Pasear por la Feria del Libro estos días, mirar los títulos, coger los libros, leer las contraportadas, elegir la que será una de las lecturas en las que sumergirte en verano es de alguna manera como la sensación de pasear al aire libre. El monte, un bosque, el río, el mar, son ese lugar en el que mejor puedes respirar y conectar con la naturaleza, detenerte y contemplar la vida, para desde allí seguir el camino que sea.

Un libro siempre es un soplo de aire fresco y una oportunidad de parar, de conectar con esas otras vidas que se nos abren en forma de historias por las que transitar página a página. Y mientras lees te evades de todo lo demás. Leer y respirar, que importantes son las dos cosas y como a veces las pasamos casi de largo, como si respirar solo fuera un gesto mecánico y como si leer fuera eso que nos han enseñado y no nos cuesta. Pero cuesta, como cuesta mirar y no conformarse solo con ver. Respirar para coger aire y leer para seguir aprendiendo. Porque la vida en semanas como esta que acaba de pasar es para muchas personas un duro aprendizaje. Hay tragedias que crees que solo pueden pasar en los libros, que eso que les ocurre a otros es un argumento de ficción de gran intensidad emocional.

Pero hay días que no lo es, que todo es real. Días en los que te golpea de pronto toda la dureza de una mala noticia, de la peor de las noticias, de la muerte de un ser querido, y en esos momentos, los abrazos y también las palabras son un fuerte agarre y un solido apoyo. Palabras que son las mismas que crean esos libros que nos permiten entrar en vidas ajenas y desde ellas volver a imaginar.
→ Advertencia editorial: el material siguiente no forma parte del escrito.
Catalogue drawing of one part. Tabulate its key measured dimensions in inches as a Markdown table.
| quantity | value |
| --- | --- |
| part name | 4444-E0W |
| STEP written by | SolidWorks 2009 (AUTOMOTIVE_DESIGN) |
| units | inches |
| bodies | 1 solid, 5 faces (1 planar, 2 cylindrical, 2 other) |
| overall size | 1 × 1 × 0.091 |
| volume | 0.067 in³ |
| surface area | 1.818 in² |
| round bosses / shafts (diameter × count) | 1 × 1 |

Paseando por los puestos de la Feria hay muchas opciones de lectura, cientos de buenos títulos que recomendar. Pero hay uno que hoy me parece especial. Las gratitudes de Delphine de Vigan. Un hermoso libro, pequeño en tamaño pero inmenso en la gran historia que cuenta. Un libro sobre la pérdida, sobre lo que se nos va, sobre esas personas tan importantes en nuestras vidas que de pronto nos dejan.
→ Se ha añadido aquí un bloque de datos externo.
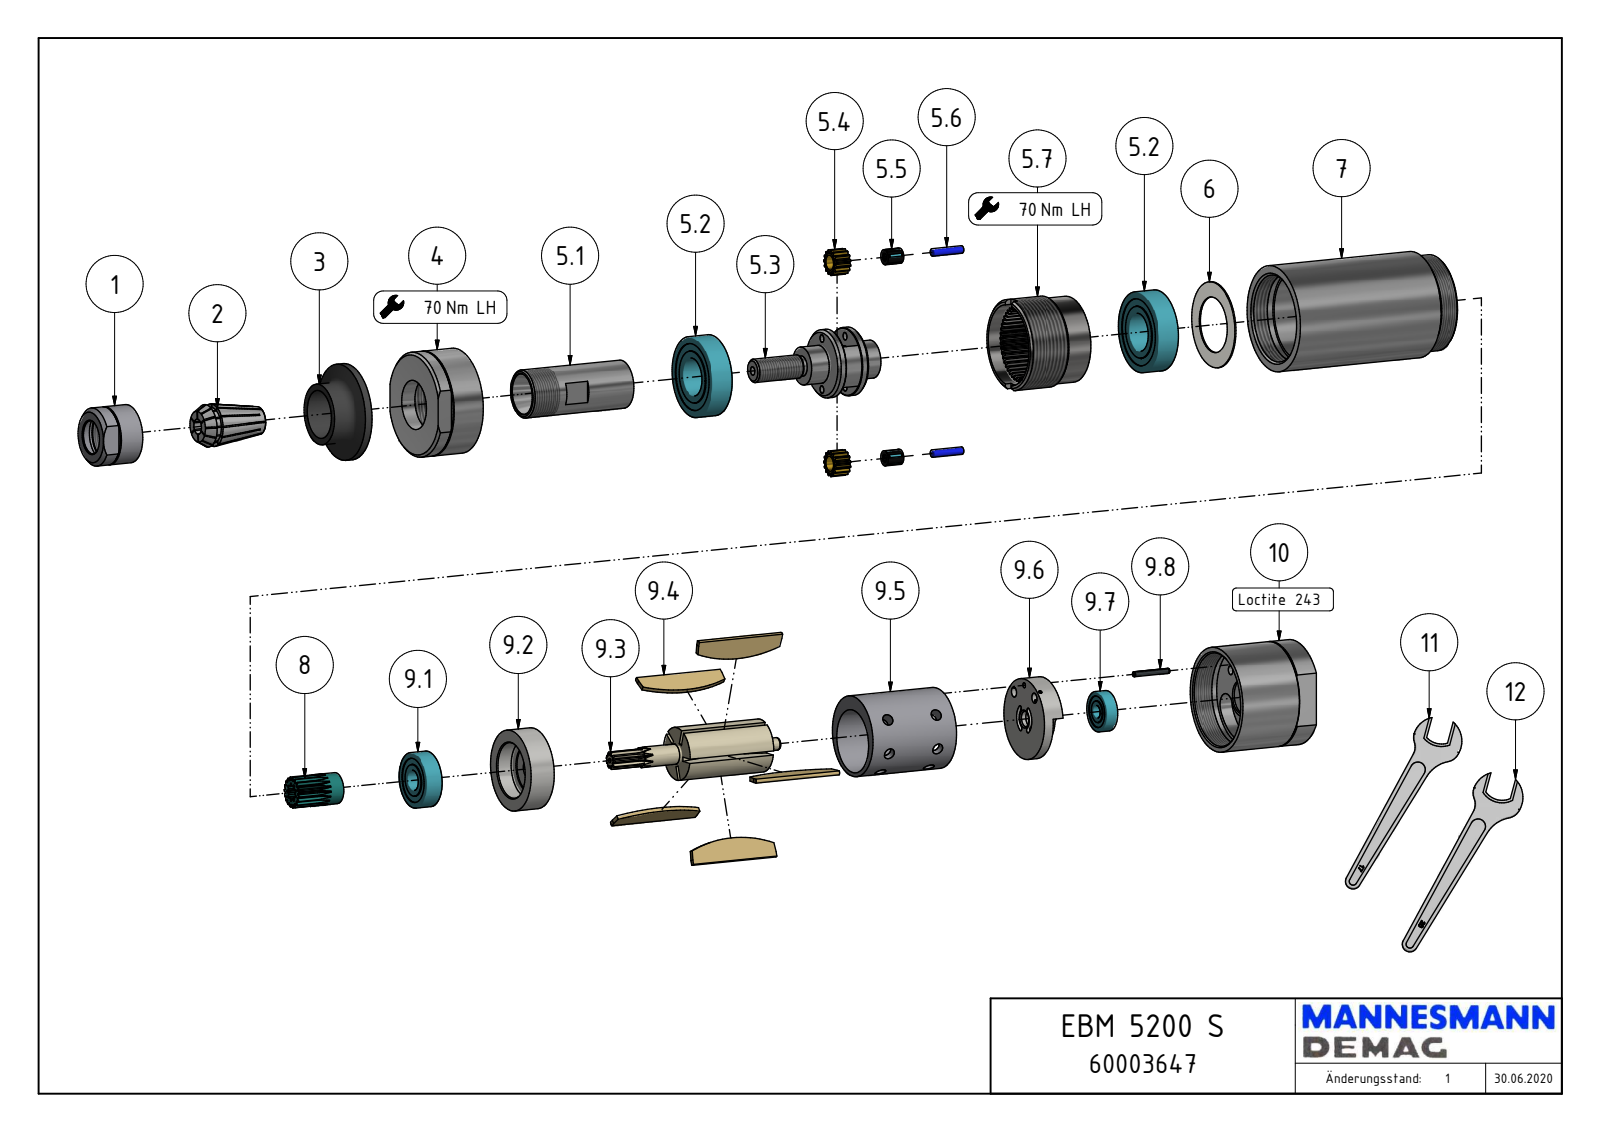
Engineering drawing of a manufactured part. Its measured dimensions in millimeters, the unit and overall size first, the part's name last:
Units: millimetres
Overall size (bounding box): 168.42 × 42 × 42
Round holes (diameter × count): ⌀11.45 ×2, ⌀1.6 ×1, ⌀6 ×1, ⌀10.5 ×1, ⌀17.92 ×1, ⌀19 ×1
Round bosses / shafts (diameter × count): ⌀42 ×1, ⌀41.5 ×1, ⌀38 ×1, ⌀36 ×1, ⌀24 ×1, ⌀23 ×1, ⌀18.98 ×1, ⌀14 ×1
Partial cylindrical surfaces — rounded edges, fillets, slot ends (radius × count): R18.09 ×6, R33.72 ×6
Main face-to-face distances: 0.5, 99, 1.5, 100.5, 37, 9, 1, 17, 11.95, 88.55
Hole centre spacings: 10.5, 11.72, 20.12
Volume: 178 743 mm³ · Surface area: 27 490 mm²
Bodies: 1 solid, 238 faces (145 planar, 40 cylindrical, 53 other)
Part name (STEP PRODUCT): EBM 5200 S_60003647
STEP written by: Autodesk Inventor 2012 (AUTOMOTIVE_DESIGN)

Un libro sobre las palabras y la importancia de agradecer, de ahí su título. Una novela que nos hace pensar en cuándo fue la última vez que dimos las gracias de verdad por algo. Realmente cada día tenemos razones para estar agradecidos a mucha gente y a muchas otras cosas, por ejemplo agradecidos de respirar y de estar, de vivir. Las gratitudes es un libro precioso, de agradecer, que pone luz incluso a los días más oscuros. Leer, respirar y agradecer, que importante son las tres, da igual el orden.